There have been many cases where people have kept 'mum' about certain issues whilst they have them investigated and no one has been any wiser whilst they rectified the problem. On the other side of the coin, 'honesty is the best policy'.
2) Is AVM dangerous enough to kill some one? According to the National Institute of Neurological Disorders about 1% of the population who are diagnosed with AVM can die from a haemorrage/stroke.
Whether I fall into that 1% is to be seen?
3) Can the network be succesfully removed?
I have heard AVM is treatable using techniques such as MRI/MRA, Cathetar Angiography and Open Surgery? The dangers here are that some times the FAA/CAA may be reluctant to grant a medical if some one has undergone surgery, due to uncertainty regarding whether the problem will re-occur.
4) Is there any danger of AVM re-occuring?
5) Has anyone had any experience of the stance of the FAA/JAA regarding AVM?
Thanks
Scoobster

Mac the Knife
24th Jan 2006, 20:37
Can't answer the aviation stuff re the FAA 'cos I don't know the rules, but it isn't really an illness. Someone smarter than me will answer that.

The "bruit" (French for noise) is caused by turbulent blood-flow in the AVM.

It could be congenital. It could be an arteriovenous fistula associated with your maxillary surgery. Anyway, it's usually eminently treatable. Usually by threading a fine tube up to the AVM from the groin and either filling it with superglue, or fragments of PVA sponge or tiny metal coils, so causing it to clot up and close.

"Is there any danger of AVM re-occuring?"

It could. Congenital AVMs are a bit harder to treat than acquired/traumatic AVMs. Sometimes you need a second shot at it.

"According to the National Institute of Neurological Disorders about 1% of the population who are diagnosed with AVM can die from a haemorrage/stroke."

I think they're talking about AVM's in the brain. AFAIK your type of AVM doesn't present a significant danger. But some AVMs can enlarge and press on things they should'nt.
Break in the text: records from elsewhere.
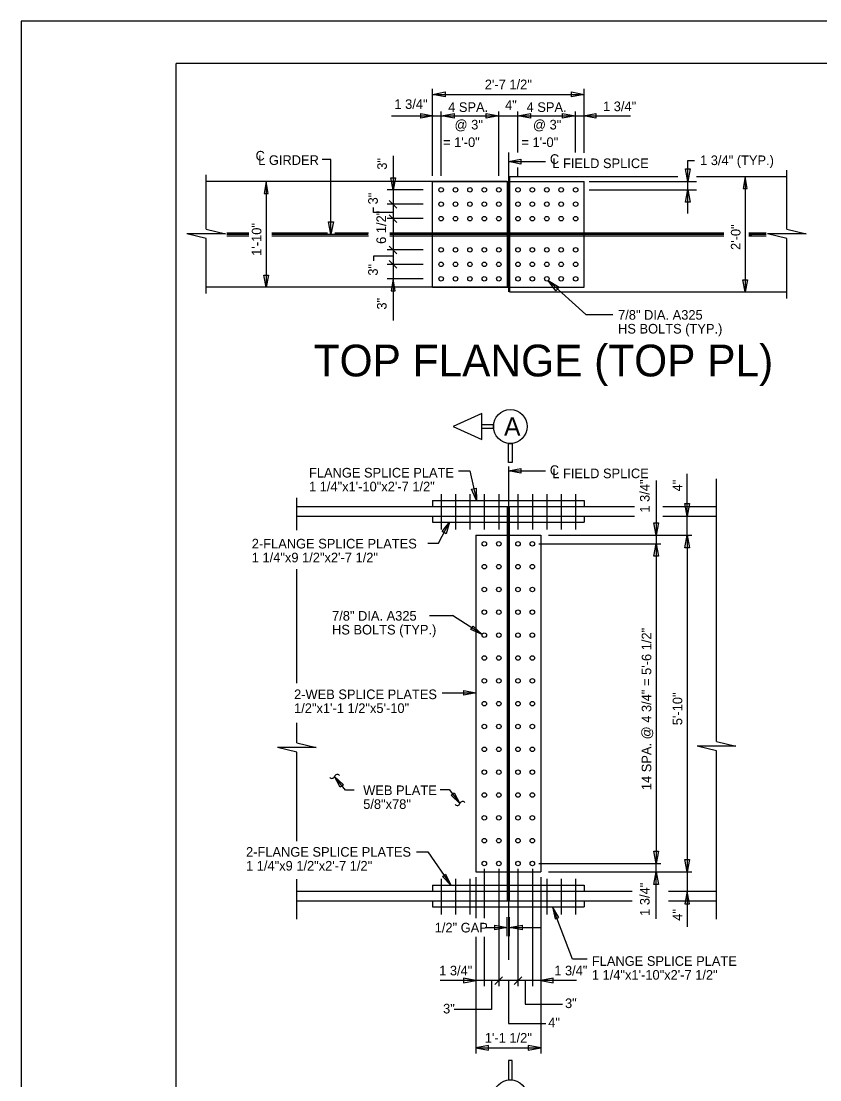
# Model space of a CAD drawing. Extents: x 1970675.2 to 1970715, y 796143 to 796167.2.
# Drawn here: x 1970675.24 to 1970685.62, y 796153.49 to 796167.25 of the extents above; entities that cross this region are included whole.
import ezdxf

# ---------------------------------------------------------------- set-up
doc = ezdxf.new("R2010")
doc.units = 0
for name, color, linetype in [('BR_AUTO DIMENSION', 7, 'Continuous'), ('BR_BORDER LINES', 7, 'Continuous'), ('BR_CENTER LINES', 7, 'Continuous'), ('BR_STRUCTURAL STEEL', 7, 'Continuous'), ('BR_TEXT', 7, 'Continuous'), ('Default', 7, 'Continuous'), ('Level 31', 7, 'Continuous')]:
    doc.layers.add(name, color=color, linetype=linetype)

msp = doc.modelspace()

# ---------------------------------------------------------------- linework, layer by layer
at = {"layer": 'BR_AUTO DIMENSION'}
for p, q in [((1970680.588, 796165.236), (1970680.588, 796166.368)), ((1970680.588, 796166.295), (1970682.557, 796166.295)), ((1970682.557, 796165.537), (1970682.557, 796166.366)), ((1970680.698, 796165.236), (1970680.698, 796166.071)), ((1970681.448, 796165.236), (1970681.448, 796166.071)), ((1970681.698, 796165.538), (1970681.698, 796166.071)), ((1970682.448, 796165.538), (1970682.448, 796166.071)), ((1970680.053, 796166.015), (1970683.16, 796166.015)), ((1970680.073, 796165.497), (1970680.073, 796163.356)), ((1970679.266, 796165.447), (1970679.15, 796165.447)), ((1970679.266, 796164.477), (1970679.266, 796165.447)), ((1970681.698, 796165.236), (1970681.698, 796165.343)), ((1970683.908, 796164.749), (1970683.908, 796165.436)), ((1970683.908, 796165.436), (1970683.995, 796165.436)), ((1970684.652, 796165.227), (1970684.652, 796163.727)), ((1970678.422, 796165.164), (1970678.422, 796163.789)), ((1970680.466, 796165.055), (1970679.998, 796165.055)), ((1970682.624, 796165.164), (1970684.018, 796165.164)), ((1970682.624, 796165.055), (1970684.018, 796165.055)), ((1970680.123, 796164.817), (1970680.024, 796164.918)), ((1970680.466, 796164.868), (1970679.998, 796164.868)), ((1970680.466, 796164.68), (1970679.998, 796164.68)), ((1970680.123, 796164.629), (1970680.024, 796164.731)), ((1970680.466, 796164.274), (1970679.998, 796164.274)), ((1970680.123, 796164.223), (1970680.024, 796164.324)), ((1970680.123, 796164.036), (1970680.024, 796164.137)), ((1970680.466, 796164.086), (1970679.998, 796164.086)), ((1970680.466, 796163.899), (1970679.998, 796163.899)), ((1970682.582, 796163.436), (1970682.091, 796163.876)), ((1970682.582, 796163.436), (1970682.93, 796163.436)), ((1970680.926, 796161.404), (1970681.072, 796161.404)), ((1970681.072, 796161.404), (1970681.159, 796161.018)), ((1970683.897, 796160.565), (1970683.897, 796161.365)), ((1970683.495, 796161.279), (1970683.495, 796160.455)), ((1970680.663, 796160.461), (1970680.809, 796160.736)), ((1970682.096, 796160.565), (1970683.96, 796160.565)), ((1970683.897, 796160.565), (1970683.897, 796156.19)), ((1970680.527, 796160.461), (1970680.663, 796160.461)), ((1970681.971, 796160.455), (1970683.557, 796160.455)), ((1970683.495, 796160.455), (1970683.495, 796156.299)), ((1970680.548, 796159.522), (1970680.845, 796159.522)), ((1970681.233, 796159.278), (1970680.845, 796159.522)), ((1970680.713, 796158.517), (1970681.151, 796158.517)), ((1970679.453, 796157.251), (1970679.312, 796157.432)), ((1970679.568, 796157.251), (1970679.453, 796157.251)), ((1970680.688, 796157.261), (1970680.802, 796157.261)), ((1970680.802, 796157.261), (1970680.943, 796157.08)), ((1970680.378, 796156.451), (1970680.524, 796156.451)), ((1970680.524, 796156.451), (1970680.825, 796156.018)), ((1970681.971, 796156.299), (1970683.557, 796156.299)), ((1970683.495, 796155.58), (1970683.495, 796156.299)), ((1970681.151, 796156.122), (1970681.151, 796155.589)), ((1970681.26, 796156.231), (1970681.26, 796155.589)), ((1970681.448, 796156.231), (1970681.448, 796154.706)), ((1970681.698, 796156.231), (1970681.698, 796154.706)), ((1970681.885, 796156.231), (1970681.885, 796154.706)), ((1970681.995, 796156.122), (1970681.995, 796153.832)), ((1970682.096, 796156.19), (1970683.96, 796156.19)), ((1970683.897, 796156.19), (1970683.897, 796155.477)), ((1970682.408, 796155.056), (1970682.149, 796155.736)), ((1970681.557, 796155.355), (1970681.557, 796155.601)), ((1970681.588, 796155.355), (1970681.588, 796155.601)), ((1970681.27, 796155.467), (1970681.557, 796155.467)), ((1970681.588, 796155.467), (1970682.004, 796155.467)), ((1970681.151, 796155.347), (1970681.151, 796153.832)), ((1970681.26, 796155.347), (1970681.26, 796154.706)), ((1970682.6, 796155.056), (1970682.408, 796155.056)), ((1970682.458, 796154.779), (1970680.687, 796154.779)), ((1970681.354, 796154.779), (1970681.354, 796154.401)), ((1970681.498, 796154.829), (1970681.397, 796154.729)), ((1970681.573, 796154.779), (1970681.573, 796154.221)), ((1970681.748, 796154.829), (1970681.647, 796154.729)), ((1970681.791, 796154.779), (1970681.791, 796154.471)), ((1970681.791, 796154.471), (1970682.278, 796154.471)), ((1970681.354, 796154.401), (1970680.868, 796154.401)), ((1970681.573, 796154.221), (1970682.059, 796154.221)), ((1970681.151, 796153.905), (1970681.995, 796153.905))]:
    msp.add_line(p, q, dxfattribs=at)
for points in [[(1970680.751, 796166.264), (1970680.588, 796166.295), (1970680.751, 796166.326)], [(1970682.395, 796166.326), (1970682.557, 796166.295), (1970682.395, 796166.264)], [(1970680.434, 796166.046), (1970680.596, 796166.015), (1970680.434, 796165.984)], [(1970680.868, 796165.984), (1970680.705, 796166.015), (1970680.868, 796166.046)], [(1970681.285, 796166.046), (1970681.448, 796166.015), (1970681.285, 796165.984)], [(1970681.86, 796165.984), (1970681.698, 796166.015), (1970681.86, 796166.046)], [(1970682.277, 796166.046), (1970682.44, 796166.015), (1970682.277, 796165.984)], [(1970682.712, 796165.984), (1970682.549, 796166.015), (1970682.712, 796166.046)], [(1970681.735, 796165.389), (1970681.573, 796165.421), (1970681.735, 796165.452)], [(1970680.103, 796165.211), (1970680.073, 796165.055), (1970680.043, 796165.211)], [(1970683.939, 796165.327), (1970683.908, 796165.164), (1970683.877, 796165.327)], [(1970684.626, 796165.071), (1970684.678, 796165.071), (1970684.652, 796165.227)], [(1970678.396, 796165.008), (1970678.448, 796165.008), (1970678.422, 796165.164)], [(1970683.877, 796164.893), (1970683.908, 796165.055), (1970683.939, 796164.893)], [(1970679.297, 796164.639), (1970679.266, 796164.477), (1970679.235, 796164.639)], [(1970678.452, 796163.945), (1970678.422, 796163.789), (1970678.392, 796163.945)], [(1970680.047, 796163.742), (1970680.099, 796163.742), (1970680.073, 796163.899)], [(1970682.191, 796163.744), (1970682.091, 796163.876), (1970682.233, 796163.791)], [(1970684.682, 796163.883), (1970684.652, 796163.727), (1970684.622, 796163.883)], [(1970681.735, 796161.371), (1970681.573, 796161.403), (1970681.735, 796161.434)], [(1970681.154, 796161.176), (1970681.159, 796161.018), (1970681.095, 796161.163)], [(1970683.929, 796160.977), (1970683.897, 796160.815), (1970683.866, 796160.977)], [(1970680.71, 796160.613), (1970680.809, 796160.736), (1970680.762, 796160.585)], [(1970683.526, 796160.727), (1970683.495, 796160.565), (1970683.463, 796160.727)], [(1970683.866, 796160.402), (1970683.897, 796160.565), (1970683.929, 796160.402)], [(1970683.463, 796160.293), (1970683.495, 796160.455), (1970683.526, 796160.293)], [(1970681.086, 796159.339), (1970681.114, 796159.383), (1970681.233, 796159.278)], [(1970680.995, 796158.547), (1970681.151, 796158.517), (1970680.995, 796158.487)], [(1970679.429, 796157.324), (1970679.387, 796157.292), (1970679.312, 796157.432)], [(1970680.827, 796157.187), (1970680.868, 796157.219), (1970680.943, 796157.08)], [(1970683.526, 796156.461), (1970683.495, 796156.299), (1970683.463, 796156.461)], [(1970683.929, 796156.352), (1970683.897, 796156.19), (1970683.866, 796156.352)], [(1970680.715, 796156.131), (1970680.757, 796156.161), (1970680.825, 796156.018)], [(1970683.463, 796156.027), (1970683.495, 796156.19), (1970683.526, 796156.027)], [(1970683.929, 796155.777), (1970683.897, 796155.94), (1970683.866, 796155.777)], [(1970682.182, 796155.581), (1970682.23, 796155.6), (1970682.149, 796155.736)], [(1970681.395, 796155.498), (1970681.557, 796155.467), (1970681.395, 796155.436)], [(1970681.751, 796155.436), (1970681.588, 796155.467), (1970681.751, 796155.498)], [(1970680.988, 796154.748), (1970681.151, 796154.779), (1970680.988, 796154.81)], [(1970682.157, 796154.81), (1970681.995, 796154.779), (1970682.157, 796154.748)], [(1970681.313, 796153.936), (1970681.151, 796153.905), (1970681.313, 796153.874)], [(1970681.832, 796153.874), (1970681.995, 796153.905), (1970681.832, 796153.936)]]:
    msp.add_lwpolyline(points, close=True, dxfattribs=at)
for points in [[(1970681.573, 796165.421), (1970682.058, 796165.421)], [(1970680.073, 796164.762), (1970679.82, 796164.762), (1970679.82, 796164.823)], [(1970680.073, 796164.192), (1970679.82, 796164.192), (1970679.82, 796164.131)], [(1970681.573, 796161.403), (1970682.058, 796161.403)]]:
    msp.add_lwpolyline(points, dxfattribs=at)
at = {"layer": 'BR_BORDER LINES'}
for p in [(1970714.286, 796166.696), (1970677.253, 796143.596)]:
    msp.add_line(p, (1970677.253, 796166.696), dxfattribs=at)
at = {"layer": 'BR_CENTER LINES'}
for p, q in [((1970681.573, 796165.541), (1970681.573, 796163.727)), ((1970677.911, 796164.477), (1970678.196, 796164.477)), ((1970678.495, 796164.477), (1970679.266, 796164.477)), ((1970679.266, 796164.477), (1970679.75, 796164.477)), ((1970680.033, 796164.477), (1970684.377, 796164.477)), ((1970684.7, 796164.477), (1970684.924, 796164.477)), ((1970684.7, 796164.477), (1970684.74, 796164.477)), ((1970681.573, 796161.459), (1970681.573, 796155.048))]:
    msp.add_line(p, q, dxfattribs=at)
at = {"layer": 'BR_STRUCTURAL STEEL'}
for p, q in [((1970681.588, 796165.227), (1970683.778, 796165.227)), ((1970681.588, 796165.227), (1970681.588, 796165.164)), ((1970684.019, 796165.227), (1970685.195, 796165.227)), ((1970681.557, 796165.164), (1970677.643, 796165.164)), ((1970680.588, 796163.789), (1970680.588, 796165.164)), ((1970680.588, 796165.164), (1970682.557, 796165.164)), ((1970681.557, 796165.164), (1970681.557, 796163.789)), ((1970681.588, 796165.164), (1970681.588, 796163.789)), ((1970682.557, 796163.789), (1970682.557, 796165.164)), ((1970677.911, 796164.496), (1970678.196, 796164.496)), ((1970677.911, 796164.457), (1970678.196, 796164.457)), ((1970678.495, 796164.496), (1970679.221, 796164.496)), ((1970678.495, 796164.457), (1970679.752, 796164.457)), ((1970679.316, 796164.496), (1970679.752, 796164.496)), ((1970680.032, 796164.496), (1970681.557, 796164.496)), ((1970680.032, 796164.457), (1970681.557, 796164.457)), ((1970681.588, 796164.496), (1970684.376, 796164.496)), ((1970681.588, 796164.457), (1970684.377, 796164.457)), ((1970684.7, 796164.496), (1970684.924, 796164.496)), ((1970684.7, 796164.457), (1970684.924, 796164.457)), ((1970684.702, 796164.461), (1970684.74, 796164.461)), ((1970681.557, 796163.789), (1970677.643, 796163.789)), ((1970680.588, 796163.789), (1970682.557, 796163.789)), ((1970681.588, 796163.789), (1970681.588, 796163.727)), ((1970681.588, 796163.727), (1970685.195, 796163.727)), ((1970680.698, 796161.099), (1970680.698, 796160.639)), ((1970680.885, 796161.099), (1970680.885, 796160.639)), ((1970681.073, 796161.099), (1970681.073, 796160.639)), ((1970681.26, 796161.099), (1970681.26, 796160.639)), ((1970681.448, 796161.099), (1970681.448, 796160.639)), ((1970681.698, 796161.099), (1970681.698, 796160.639)), ((1970681.885, 796161.099), (1970681.885, 796160.639)), ((1970682.073, 796161.099), (1970682.073, 796160.639)), ((1970682.26, 796161.099), (1970682.26, 796160.639)), ((1970682.448, 796161.099), (1970682.448, 796160.639)), ((1970678.823, 796160.94), (1970683.214, 796160.94)), ((1970680.588, 796161.018), (1970680.588, 796160.94)), ((1970680.588, 796161.018), (1970682.557, 796161.018)), ((1970680.588, 796160.94), (1970682.557, 796160.94)), ((1970681.557, 796160.94), (1970681.557, 796155.815)), ((1970681.588, 796155.815), (1970681.588, 796160.94)), ((1970682.557, 796161.018), (1970682.557, 796160.94)), ((1970683.582, 796160.94), (1970684.281, 796160.94)), ((1970678.823, 796160.815), (1970683.214, 796160.815)), ((1970680.588, 796160.815), (1970680.588, 796160.736)), ((1970680.588, 796160.815), (1970682.557, 796160.815)), ((1970682.557, 796160.815), (1970682.557, 796160.736)), ((1970683.582, 796160.815), (1970684.281, 796160.815)), ((1970680.588, 796160.736), (1970682.557, 796160.736)), ((1970681.151, 796160.565), (1970681.995, 796160.565)), ((1970681.151, 796160.565), (1970681.151, 796156.19)), ((1970681.995, 796160.565), (1970681.995, 796156.19)), ((1970681.151, 796156.19), (1970681.995, 796156.19)), ((1970680.588, 796156.018), (1970680.588, 796155.94)), ((1970680.588, 796156.018), (1970682.557, 796156.018)), ((1970680.698, 796156.099), (1970680.698, 796155.639)), ((1970680.885, 796156.099), (1970680.885, 796155.639)), ((1970681.073, 796156.099), (1970681.073, 796155.639)), ((1970681.26, 796156.099), (1970681.26, 796155.589)), ((1970681.448, 796156.099), (1970681.448, 796155.639)), ((1970681.698, 796156.099), (1970681.698, 796155.639)), ((1970681.885, 796156.099), (1970681.885, 796155.639)), ((1970682.073, 796156.099), (1970682.073, 796155.639)), ((1970682.26, 796156.099), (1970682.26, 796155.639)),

See a vascular surgeon who works in the head and neck area rather than a neurologist.

Good luck!

Scoobster
24th Jan 2006, 20:53
Hi Mac,

Thanks for the reply. Would you mind if I PM'd you to discuss this further? Also do you think there is anything I should be specifically discussing with the neurologist or vascular surgeon when I see him??

You mentioned it might be a traumatic AVM, well its interesting that you say that because in 1998 I was knocked down by a car, when I was crossing the road, I suffered a head injury and was knocked unconscious only after I tried to get up and walk away.

I have a clear recollection of events leading up to the accident and any retrograde amnesia is either absent or may be a matter of seconds. Whilst antrograde amnesia is difficult to quantify, if it is present it may be a matter of minutes.

All of this raises the fact that the collapse may have been synocopal. After the accident I was found to have a visual field defect in the lower nasal region of the right eye due to traumatic optic neuropathy.

I know its a bit of a generic question, but it could also be possible that this AVM may be related to the injury?? What are your thoughts?

Thanks. Great to be receiving some informative and insightful responses :)

laphroaig
25th Jan 2006, 14:28
I have had the pleasure of having one of these little :mad: in my brain. Fortunately I was lucky in that the neurosurgeons were able to completely remove it. I am now playing the waiting game with regards to getting the class 1 back. The trouble is that so few of the population, let alone flight crew, will ever suffer from these during thier life, and that there is very little information for the AME's to base thier decision on. It's certainly a case by case scenario.
I am always on the look out for any further info, so if anyone out there can help, it would be greatly appreciated.

Mac the Knife
25th Jan 2006, 18:45
PM me by all means, but I'm a splastic splurgeon not a vascular surgeon (though I do do microvascular surgery), so don't expect much more info than I've already given you.

"...do you think there is anything I should be specifically discussing with the neurologist or vascular surgeon when I see him??"

No, I'd just let him/her get on with it.